Another possibility is to provide a notation for multiple subscripts, to allow surgical changes to be made in lists of lists.
These changes are not addressed primarily because the author of this TIP foresees that they are likely to cause undesirable interactions with future attempts to implement other types of indexed data structure, such as the maps, vectors, and matrices of products like BLT and Feather. In a fully developed Tcl 9.0, it would be desirable for all of these objects to support similar interfaces; this TIP proposes a minimal first step.
The array command continues to operate only on associative arrays.
Lists are a simple enough structure that the full power of the array command is not required to deal with them, and having it work on lists as well as arrays seems like needless effort. Moreover, existing code may well depend on a combination of [array exists] and [info exists] to distinguish associative arrays from scalar variables (including lists).
We might wish to extend upvar syntax to allow a list element to be designated.
Extending the syntax in this fashion would make upvar more consistent in its behavior, but appears to be expensive, in terms of both performance (tracking down the linked references if a list is rebuilt) and the effort required for implementation (the author of this TIP is unlikely to have the time required to implement the necessary changes to struct Var and the associated code).
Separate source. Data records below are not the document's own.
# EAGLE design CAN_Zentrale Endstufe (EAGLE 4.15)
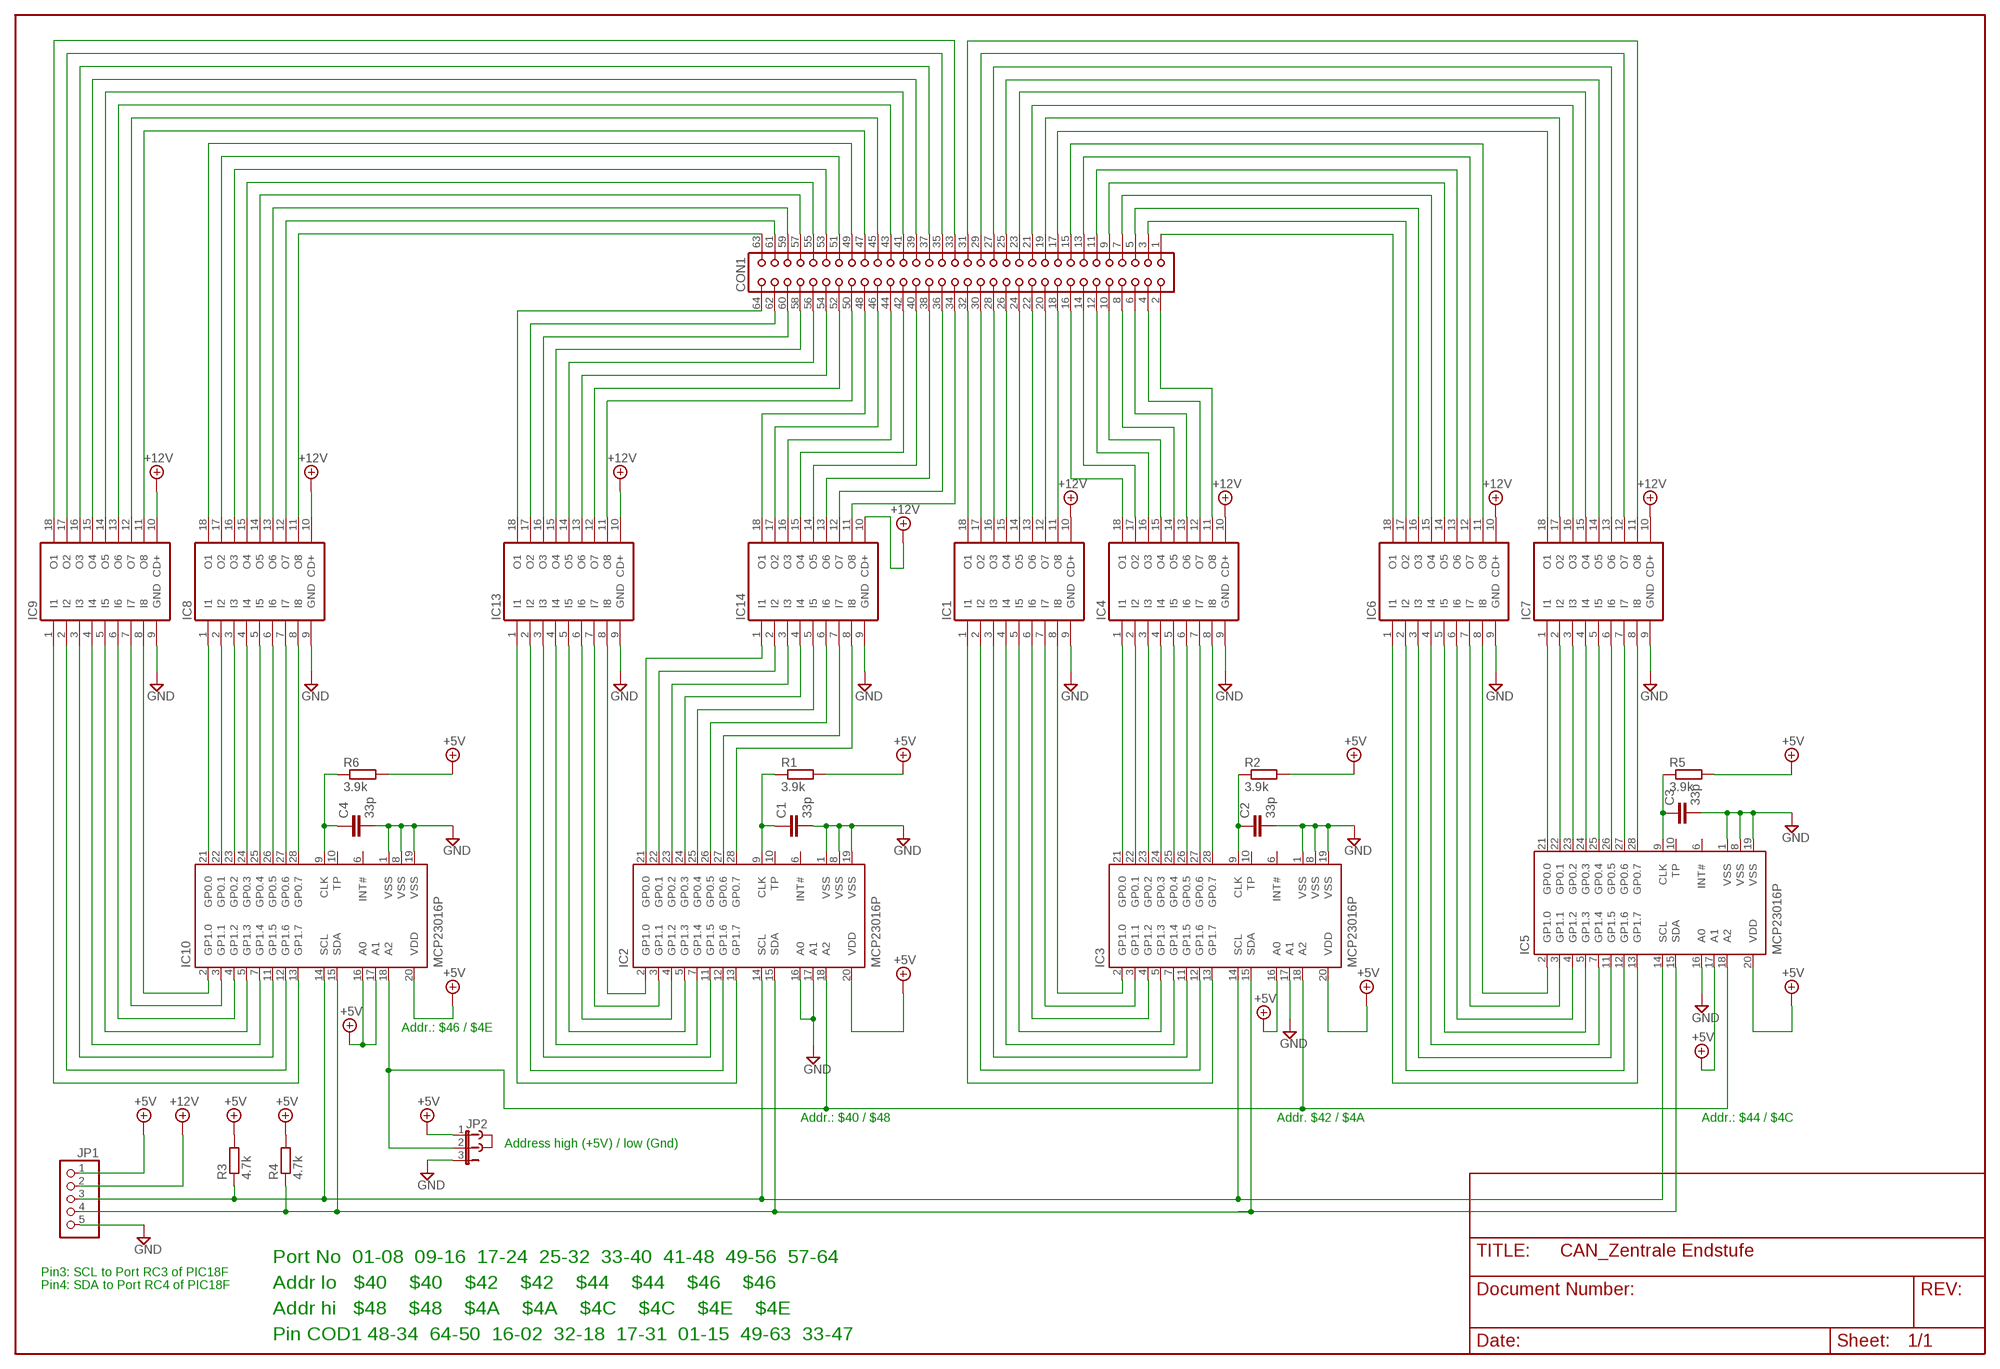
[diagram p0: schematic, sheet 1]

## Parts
C1  33p  C-EU025-025X050  [C025-025X050]
C2  33p  C-EU025-025X050  [C025-025X050]
C3  33p  C-EU025-025X050  [C025-025X050]
C4  33p  C-EU025-025X050  [C025-025X050]
CON1  CON64  [CON64]
IC1  ULN2803A  [DIL18]
IC2  MCP23016P  [DIL28-3]
IC3  MCP23016P  [DIL28-3]
IC4  ULN2803A  [DIL18]
IC5  MCP23016P  [DIL28-3]
IC6  ULN2803A  [DIL18]
IC7  ULN2803A  [DIL18]
IC8  ULN2803A  [DIL18]
IC9  ULN2803A  [DIL18]
IC10  MCP23016P  [DIL28-3]
IC13  ULN2803A  [DIL18]
IC14  ULN2803A  [DIL18]
J2  JUMPER  [JUMP]
JP1  PINHD-1X5  [1X05]
JP2  JP2E  [JP2]
R1  3.9k  R-EU_0204/7  [0204/7]
R2  3.9k  R-EU_0204/7  [0204/7]
R3  4.7k  R-EU_0204/7  [0204/7]
R4  4.7k  R-EU_0204/7  [0204/7]
R5  3.9k  R-EU_0204/7  [0204/7]
R6  3.9k  R-EU_0204/7  [0204/7]

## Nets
+5V: IC2.20(VDD) IC3.16(A0) IC3.20(VDD) IC5.17(A1) IC5.20(VDD) IC10.16(A0) IC10.17(A1) IC10.20(VDD) JP1.1 JP2.1 R1.2 R2.2 R3.2 R4.2 R5.2 R6.2
+12V: IC1.10(CD+) IC4.10(CD+) IC6.10(CD+) IC7.10(CD+) IC8.10(CD+) IC9.10(CD+) IC13.10(CD+) IC14.10(CD+) JP1.2
GND: C1.2 C2.2 C3.2 C4.2 IC1.9(GND) IC2.1(VSS) IC2.8(VSS) IC2.16(A0) IC2.17(A1) IC2.19(VSS) IC3.1(VSS) IC3.8(VSS) IC3.17(A1) IC3.19(VSS) IC4.9(GND) IC5.1(VSS) IC5.8(VSS) IC5.16(A0) IC5.19(VSS) IC6.9(GND) IC7.9(GND) IC8.9(GND) IC9.9(GND) IC10.1(VSS) IC10.8(VSS) IC10.19(VSS) IC13.9(GND) IC14.9(GND) JP1.5 JP2.3
N$1: IC2.28(GP0.7) IC14.8(I8)
N$2: IC2.27(GP0.6) IC14.7(I7)
N$3: IC2.26(GP0.5) IC14.6(I6)
N$4: IC2.25(GP0.4) IC14.5(I5)
N$5: IC2.24(GP0.3) IC14.4(I4)
N$6: IC2.23(GP0.2) IC14.3(I3)
N$7: IC2.22(GP0.1) IC14.2(I2)
N$8: C1.1 IC2.9(CLK) R1.1
N$9: IC2.21(GP0.0) IC14.1(I1)
N$10: IC2.2(GP1.0) IC13.8(I8)
N$11: IC2.3(GP1.1) IC13.7(I7)
N$12: IC2.4(GP1.2) IC13.6(I6)
N$13: IC2.5(GP1.3) IC13.5(I5)
N$14 [thick]: CON1.32 IC1.18(O1)
N$15: IC2.11(GP1.5) IC13.3(I3)
N$16: IC2.12(GP1.6) IC13.2(I2)
N$17: IC2.13(GP1.7) IC13.1(I1)
N$18 [thick]: CON1.50 IC13.11(O8)
N$19: IC2.15(SDA) IC3.15(SDA) IC5.15(SDA) IC10.15(SDA) JP1.4 R4.1
N$20 [thick]: CON1.52 IC13.12(O7)
N$21: IC2.14(SCL) IC3.14(SCL) IC5.14(SCL) IC10.14(SCL) JP1.3 R3.1
N$22 [thick]: CON1.54 IC13.13(O6)
N$23 [thick]: CON1.56 IC13.14(O5)
N$24 [thick]: CON1.58 IC13.15(O4)
N$25 [thick]: CON1.60 IC13.16(O3)
N$26 [thick]: CON1.62 IC13.17(O2)
N$27 [thick]: CON1.64 IC13.18(O1)
N$28 [thick]: CON1.48 IC14.18(O1)
N$29 [thick]: CON1.46 IC14.17(O2)
N$30 [thick]: CON1.44 IC14.16(O3)
N$31 [thick]: CON1.42 IC14.15(O4)
N$32 [thick]: CON1.40 IC14.14(O5)
N$33 [thick]: CON1.38 IC14.13(O6)
N$34 [thick]: CON1.36 IC14.12(O7)
N$35 [thick]: CON1.34 IC14.11(O8)
N$36 [thick]: CON1.30 IC1.17(O2)
N$37 [thick]: CON1.28 IC1.16(O3)
N$38 [thick]: CON1.26 IC1.15(O4)
N$39 [thick]: CON1.24 IC1.14(O5)
N$40 [thick]: CON1.22 IC1.13(O6)
N$41 [thick]: CON1.20 IC1.12(O7)
N$42 [thick]: CON1.18 IC1.11(O8)
N$43: IC5.21(GP0.0) IC7.1(I1)
N$44 [thick]: CON1.16 IC4.18(O1)
N$45 [thick]: CON1.14 IC4.17(O2)
N$46 [thick]: CON1.12 IC4.16(O3)
N$47 [thick]: CON1.10 IC4.15(O4)
N$48 [thick]: CON1.8 IC4.14(O5)
N$49 [thick]: CON1.6 IC4.13(O6)
N$50 [thick]: CON1.4 IC4.12(O7)
N$51 [thick]: CON1.2 IC4.11(O8)
N$52: IC3.21(GP0.0) IC4.1(I1)
N$53: IC3.22(GP0.1) IC4.2(I2)
N$54: IC3.23(GP0.2) IC4.3(I3)
N$55: IC3.24(GP0.3) IC4.4(I4)
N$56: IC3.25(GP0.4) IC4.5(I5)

In fact, the author of this TIP would much rather deprecate the use of upvar to refer to array elements. A disproportionate amount of code goes into supporting this seldom-used feature.
No reference implementation has yet been developed; the author of this TIP wishes to solicit the opinions of the Tcl community before spending a lot of time implementing a possibly bad idea.
This document has been placed in the public domain.
This is not necessarily the current version of this TIP.